─── Task material
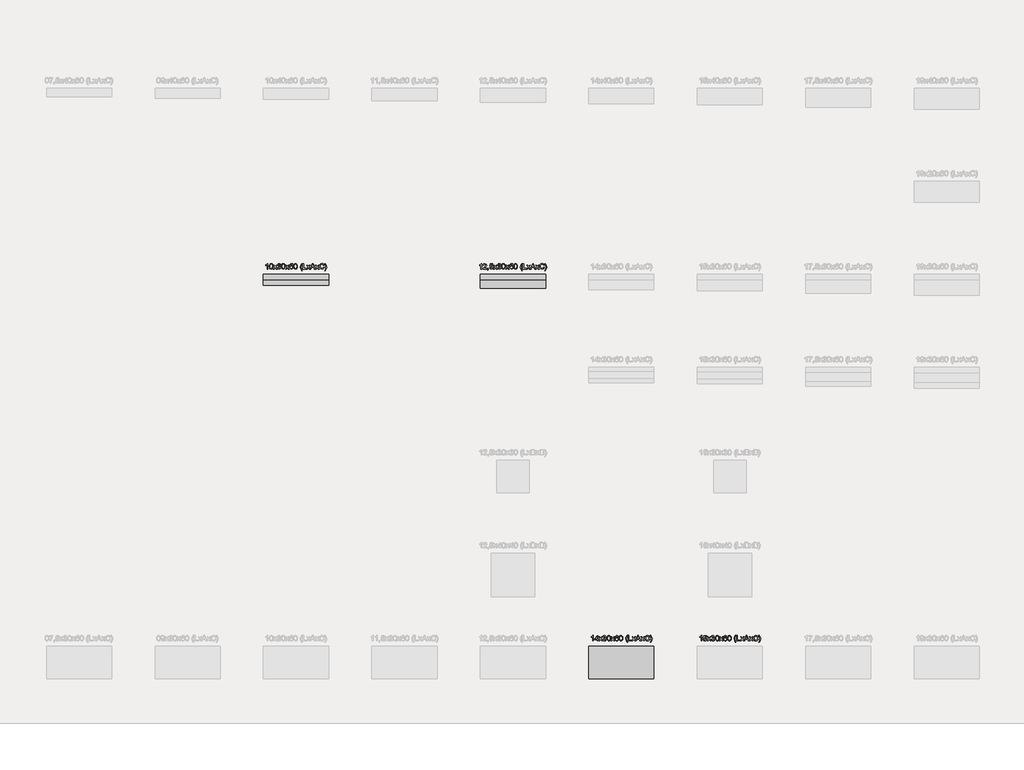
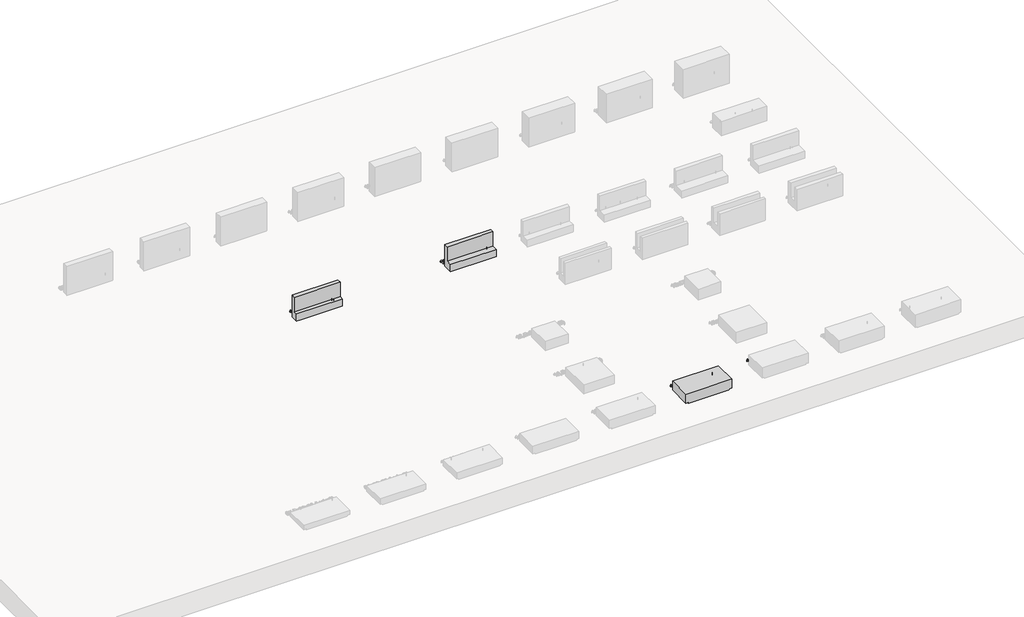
# One storey, part 6 of 26: 7 proxies.
"""IFC4 building model written with IfcOpenShell, lengths in millimetres."""

import ifcopenshell
import ifcopenshell.guid

model = None  # the IFC model being written
_history = None  # IfcOwnerHistory: only IFC2X3 demands one
_inside = {}  # id of a spatial element -> (the spatial element, [elements in it])
_under = {}  # id of a project, library or spatial element -> (it, [spatial elements below it])
_declared = {}  # id of a project -> (the project, [libraries it declares])
_typed = {}  # id of a type object -> (the type object, [elements of that type])
_made_of = {}  # id of a material, layer set ... -> (it, [elements and type objects made of it])


def new_model(schema):
    """Start an empty IFC model of exactly this schema.

    Asked for "IFC4X3", IfcOpenShell would pick the latest addendum, in which some entities
    have other attributes; the version numbers below select the first issue.
    IFC2X3 requires an IfcOwnerHistory on every rooted entity: one is made here for all.
    """
    global model, _history
    if schema == "IFC4X3":
        model = ifcopenshell.file(schema_version=(4, 3, 0, 0))
    else:
        model = ifcopenshell.file(schema=schema)
    _inside.clear()
    _under.clear()
    _declared.clear()
    _typed.clear()
    _made_of.clear()
    _history = None
    if model.schema == "IFC2X3":
        org = make("IfcOrganization", Name="unknown")
        user = make(
            "IfcPersonAndOrganization",
            ThePerson=make("IfcPerson", FamilyName="unknown"),
            TheOrganization=org,
        )
        app = make(
            "IfcApplication",
            ApplicationDeveloper=org,
            Version="unknown",
            ApplicationFullName="unknown",
            ApplicationIdentifier="unknown",
        )
        _history = make(
            "IfcOwnerHistory",
            OwningUser=user,
            OwningApplication=app,
            ChangeAction="ADDED",
            CreationDate=0,
        )
    return model


def make(cls, **values):
    """One entity of the class cls with the attributes given. An attribute that is None is left unset."""
    return model.create_entity(
        cls, **{name: value for name, value in values.items() if value is not None}
    )


def rooted(cls, **values):
    """An entity with a GlobalId (a new one), such as an element, a storey or a relation."""
    return make(cls, GlobalId=ifcopenshell.guid.new(), OwnerHistory=_history, **values)


def si_unit(unit_type, name, prefix=None):
    """IfcSIUnit, for example si_unit("LENGTHUNIT", "METRE", prefix="MILLI")."""
    return make("IfcSIUnit", UnitType=unit_type, Prefix=prefix, Name=name)


def assignment(units):
    """IfcUnitAssignment: the units of a project."""
    return None if units is None else make("IfcUnitAssignment", Units=units)


def point(xyz):
    """IfcCartesianPoint."""
    return None if xyz is None else make("IfcCartesianPoint", Coordinates=xyz)


def direction(xyz):
    """IfcDirection."""
    return None if xyz is None else make("IfcDirection", DirectionRatios=xyz)


def frame(location, z_axis=None, x_axis=None):
    """IfcAxis2Placement3D, a coordinate frame: its origin and axes. An axis left out is left unset."""
    return make(
        "IfcAxis2Placement3D",
        Location=point(location),
        Axis=direction(z_axis),
        RefDirection=direction(x_axis),
    )


def origin():
    """The frame at (0, 0, 0) with its axes left unset."""
    return frame((0.0, 0.0, 0.0))


def origin_with_axes():
    """The frame at (0, 0, 0) with the z axis (0, 0, 1) and the x axis (1, 0, 0) written out."""
    return frame((0.0, 0.0, 0.0), z_axis=(0.0, 0.0, 1.0), x_axis=(1.0, 0.0, 0.0))


def place(relative_to, where):
    """IfcLocalPlacement: puts the frame where relative to a parent placement (None: the world)."""
    return make(
        "IfcLocalPlacement", PlacementRelTo=relative_to, RelativePlacement=where
    )


def context(
    kind, dimensions, precision=None, world=None, true_north=None, identifier=None
):
    """IfcGeometricRepresentationContext, for example the 3D "Model" context."""
    return make(
        "IfcGeometricRepresentationContext",
        ContextIdentifier=identifier,
        ContextType=kind,
        CoordinateSpaceDimension=dimensions,
        Precision=precision,
        WorldCoordinateSystem=world,
        TrueNorth=true_north,
    )


def project(units=None, contexts=None):
    """IfcProject with its units and contexts."""
    return rooted(
        "IfcProject",
        Name="project",
        RepresentationContexts=contexts,
        UnitsInContext=assignment(units),
    )


def spatial(cls, under=None, at=None, **own):
    """A site, building, storey or space (cls), placed at a placement, below another one or the project."""
    s = rooted(cls, ObjectPlacement=at, **own)
    if under is not None:
        _under.setdefault(under.id(), (under, []))[1].append(s)
    return s


def polyline(points):
    """IfcPolyline through the points."""
    return make("IfcPolyline", Points=[point(p) for p in points])


def outline(outer, holes=None, kind="AREA"):
    """IfcArbitraryClosedProfileDef: a profile drawn as a closed curve; with holes, ...WithVoids."""
    if holes is None:
        return make("IfcArbitraryClosedProfileDef", ProfileType=kind, OuterCurve=outer)
    return make(
        "IfcArbitraryProfileDefWithVoids",
        ProfileType=kind,
        OuterCurve=outer,
        InnerCurves=holes,
    )


def extrude(swept, where, along, depth):
    """IfcExtrudedAreaSolid: the profile swept, set in the frame where, extruded along a direction by depth."""
    return make(
        "IfcExtrudedAreaSolid",
        SweptArea=swept,
        Position=where,
        ExtrudedDirection=direction(along),
        Depth=depth,
    )


def shape(context_of_items, identifier, shape_type, items):
    """IfcShapeRepresentation: the items that make up one representation, for example the "Body"."""
    return make(
        "IfcShapeRepresentation",
        ContextOfItems=context_of_items,
        RepresentationIdentifier=identifier,
        RepresentationType=shape_type,
        Items=items,
    )


def source(mapping_origin, context_of_items, identifier, shape_type, items):
    """IfcRepresentationMap: a shape defined once, which mapped items show again and again."""
    return make(
        "IfcRepresentationMap",
        MappingOrigin=mapping_origin,
        MappedRepresentation=shape(context_of_items, identifier, shape_type, items),
    )


def transform(
    local_origin,
    x_axis=None,
    y_axis=None,
    z_axis=None,
    scale=None,
    scale2=None,
    scale3=None,
    uniform=True,
):
    """IfcCartesianTransformationOperator3D, or its non-uniform kind. x_axis, y_axis, z_axis: its Axis1, 2, 3."""
    if uniform:
        return make(
            "IfcCartesianTransformationOperator3D",
            Axis1=direction(x_axis),
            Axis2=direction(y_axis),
──────
▶ _Instructions to follow_: Find every line in the records that has the word "IfcExtrudedAreaSolid". Copy those lines.

▶ _Response to this exercise_:
    """IfcExtrudedAreaSolid: the profile swept, set in the frame where, extruded along a direction by depth."""
        "IfcExtrudedAreaSolid",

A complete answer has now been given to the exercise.